Data science has gained significant mindshare across many industries over the last decade. Today, organizations are accumulating vast amounts of data and want to efficiently extract as much value from it as possible. The interest in data science, however, has often not translated into business impact. Though data science has exploded in popularity and there has been a proliferation of tools for individuals, there is a big gap between the tools that data scientists prefer and those that meet requirements for the enterprise.
Data science tools are either not enterprise-ready or user friendly
Why is this the case? While data has been in the limelight for quite some time, many organizations have just been laying the foundation for meaningful data analysis and data products. They have been focused on the basics – ingestion, storage, quality, and simple transformations. The most immediate value that organizations can extract from data is business intelligence (BI). On the other hand, data science is an investment that requires a longer horizon. As a result, both data engineering and BI ecosystems are much more mature than data science, which is still playing catch-up.
The reality is that most data scientists in organizations still download data on their laptop and run code locally with open source tools. While this is a very familiar workflow, they run into issues with collaboration and reproducibility. After all, these tools were not designed with collaboration as a first-class citizen. Unfortunately, existing data science tools are either not enterprise-ready because they are not conducive to collaboration nor do they scale to large volumes of data; or they are not user friendly because they require users to work with tools and languages that they are not familiar with.

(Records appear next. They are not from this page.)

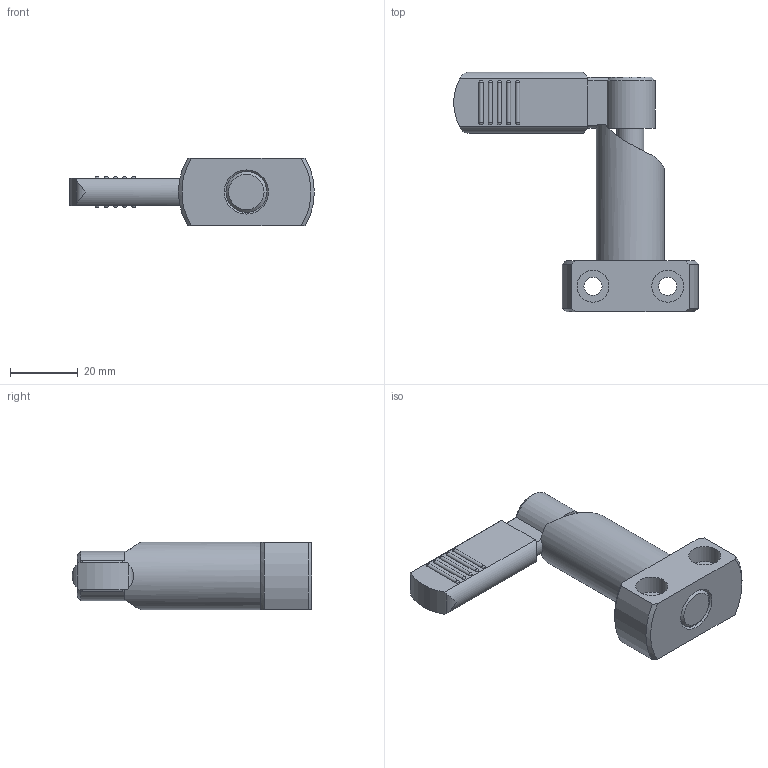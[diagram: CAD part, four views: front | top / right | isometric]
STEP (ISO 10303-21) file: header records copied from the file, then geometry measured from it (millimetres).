
FILE_DESCRIPTION( ( 'STEP AP203' ), '1' );
FILE_NAME( 'C:/Temp/Ganter_Step_05_03_2020/data/3_1/gn612_2/Indexing plunger GN 612.2-12-20-B (activated).stp', '2020-03-12T08:35:14', ( 'License CC BY-ND 4.0' ), ( 'CADENAS' ), ' ', 'PARTsolutions', ' ' );
FILE_SCHEMA( ( 'CONFIG_CONTROL_DESIGN' ) );
Length unit declared in the file: millimetre
Products named in the file (3): Indexing plunger GN 612.2-12-20-B (activated); _Rastriegel GN 612.2-12-20-B (betaetigt)-a; _Rastriegel GN 612.2-12-20-B (betaetigt)-b
Assembly tree (2 placements, depth 2):
  Indexing plunger GN 612.2-12-20-B (activated)
    _Rastriegel GN 612.2-12-20-B (betaetigt)-a
    _Rastriegel GN 612.2-12-20-B (betaetigt)-b
Bounding box: 72 x 70.5 x 20 mm (x, y, z)
Volume: 27434.5 mm3; surface area: 12941.4 mm2
Topology: 2 solids, 2 shells, 101 faces, 262 edges, 164 vertices
Faces by surface type: cylinder 42, plane 29, sphere 20, cone 9, torus 1
Full cylindrical faces by diameter (mm): 5.3 x2, 8 x2, 8.9 x1, 9.1 x1, 9.4 x4, 12 x2, 14.5 x1, 16 x1, 20 x1
Entity records: 3063 total; most frequent: CARTESIAN_POINT 784, DIRECTION 467, ORIENTED_EDGE 402, AXIS2_PLACEMENT_3D 201, EDGE_CURVE 201, EDGE_LOOP 145, VERTEX_POINT 142, FACE_OUTER_BOUND 116
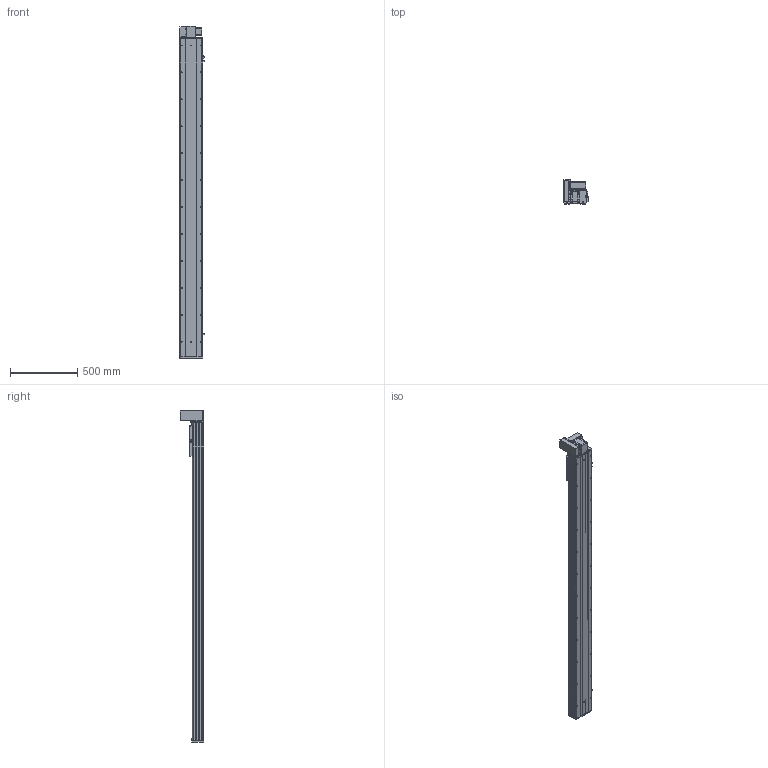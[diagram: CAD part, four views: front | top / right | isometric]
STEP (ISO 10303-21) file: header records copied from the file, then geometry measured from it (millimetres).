
FILE_DESCRIPTION (( 'STEP AP203' ), '1' );
FILE_NAME ('Y170CB-D105-S2050-UL-P400W.STEP', '2020-02-20T02:52:18', ( '微软用户' ), ( '微软中国' ), 'SwSTEP 2.0', 'SolidWorks 2017', '' );
FILE_SCHEMA (( 'CONFIG_CONTROL_DESIGN' ));
Length unit declared in the file: millimetre
Products named in the file (18): 70B喘謫眊----; 70CB--耜裔; Y1埴倛裔; 70C-雄赽釱-奻-; B-源倛裔啣; 17B-耜蚾蟀諉啣----; 0B-萇儂楊擘啣; 00B-俋欶BM--163; san松下电机400不带刹车----; Y170CB-D105-S2050-UL-P400W; 0C--雄赽釱俋欶-170; 70CB-掛极-; 70CB-詩湍--; --70CB --喘謫眊楊擘啣-; Y100-135俋离換覜ん--; 70CB-耜裔啣-; Y170CB-陔俋离換覜結え---; 70C--詩湍揤踡え-
Assembly tree (21 placements, depth 2):
  Y170CB-D105-S2050-UL-P400W
    B-源倛裔啣
    0B-萇儂楊擘啣
    san松下电机400不带刹车----
    70CB-掛极-
    --70CB --喘謫眊楊擘啣-
    70CB-耜裔啣-  x2
    70C--詩湍揤踡え-  x2
    70CB--耜裔
    70C-雄赽釱-奻-
    0C--雄赽釱俋欶-170
    70CB-詩湍--
    Y100-135俋离換覜ん--  x3
    Y170CB-陔俋离換覜結え---
    70B喘謫眊----
    Y1埴倛裔
    17B-耜蚾蟀諉啣----
    00B-俋欶BM--163
Bounding box: 183.5 x 174 x 2466 mm (x, y, z)
Volume: 10674099.5 mm3; surface area: 3848957.1 mm2
Topology: 21 solids, 21 shells, 1047 faces, 2813 edges, 1866 vertices
Faces by surface type: cylinder 561, plane 462, cone 24
Entity records: 33496 total; most frequent: CARTESIAN_POINT 6156, DIRECTION 5450, ORIENTED_EDGE 5108, EDGE_CURVE 2554, AXIS2_PLACEMENT_3D 2008, VERTEX_POINT 1696, VECTOR 1434, LINE 1434

Data scientists want to focus on data science – not DevOps and IT
Data scientists would rather solve the data problem at hand than worry about managing environments, configuring clusters, figuring out why a computation is running so slowly, monitoring resource usage or making sure they are compliant with security. As I discussed in a previous article, a disruption to the data science workflow, even if it might appear small, can have a significant impact on productivity. Sometimes the disruptions are not so small. For example, when an entire data science organization is not able to use a fundamental data manipulation library because the organization has adopted a platform that requires them to learn a new one. I argue that one of the key reasons data science teams are not as productive as they should be is because they don’t have the tools that allow them to work productively and collaboratively.
A modern solution for seamlessly scaling data science
This is where Coiled comes in. Coiled accelerates data science adoption and increases productivity of data science teams by removing distractions so that data scientists can focus on solving data problems. Founded by Matthew Rocklin, Hugo Bowne-Anderson and Rami Chowdhury, Coiled is uniquely positioned to solve the problem of data science for the enterprise. Matt is the creator of Dask, which is the most widely used Python library for parallelization. He has deep expertise in enabling data science in large organizations and in scaling data science workloads from his experiences at Continuum Analytics and NVIDIA. Hugo and Rami also have deep roots in data science and open source communities through their work at DataCamp and Continuum Analytics.
Coiled solves the problems of enterprise-readiness and usability in many ways:
- Laser-focused on the Python experience. Python has emerged as the de facto language for data science with libraries such as pandas, numpy, scikit-learn and XGBoost in the toolkit of many data scientists. In fact, its popularity in data science has propelled to become the second most popular programming language behind Java
- Natively scales Python workloads to big data. With minimal code changes, data scientists can trivially scale up their workloads to many machines. When an organization’s data becomes too large for single node computations, it no longer has to worry about migrating its data infrastructure to a new platform and requiring users to learn new tools to do the same work
- Data scientists do not need to change their existing workflow. They can choose whichever local IDE or notebook they prefer. Coiled manages cloud computing behind the scenes.
- Enhances collaboration among data teams. Coiled makes it easy to share virtual environments and also offers a set of template environments for different types of work. Data scientists can share projects with their team knowing that their colleagues will be working off of the same environment and compute infrastructure.
- Increases visibility into computation costs. Coiled uses the popular Dask dashboard and elevates it for the enterprise. Administrators can have a clear view into how resources are being allocated across users. Users can see whether or not their code is efficient.
Coiled will be the crucial connective tissue necessary for enterprises to do data science at scale. That is why we are incredibly excited to partner with them. Congratulations to Matt, Hugo, Rami and the rest of the Coiled team!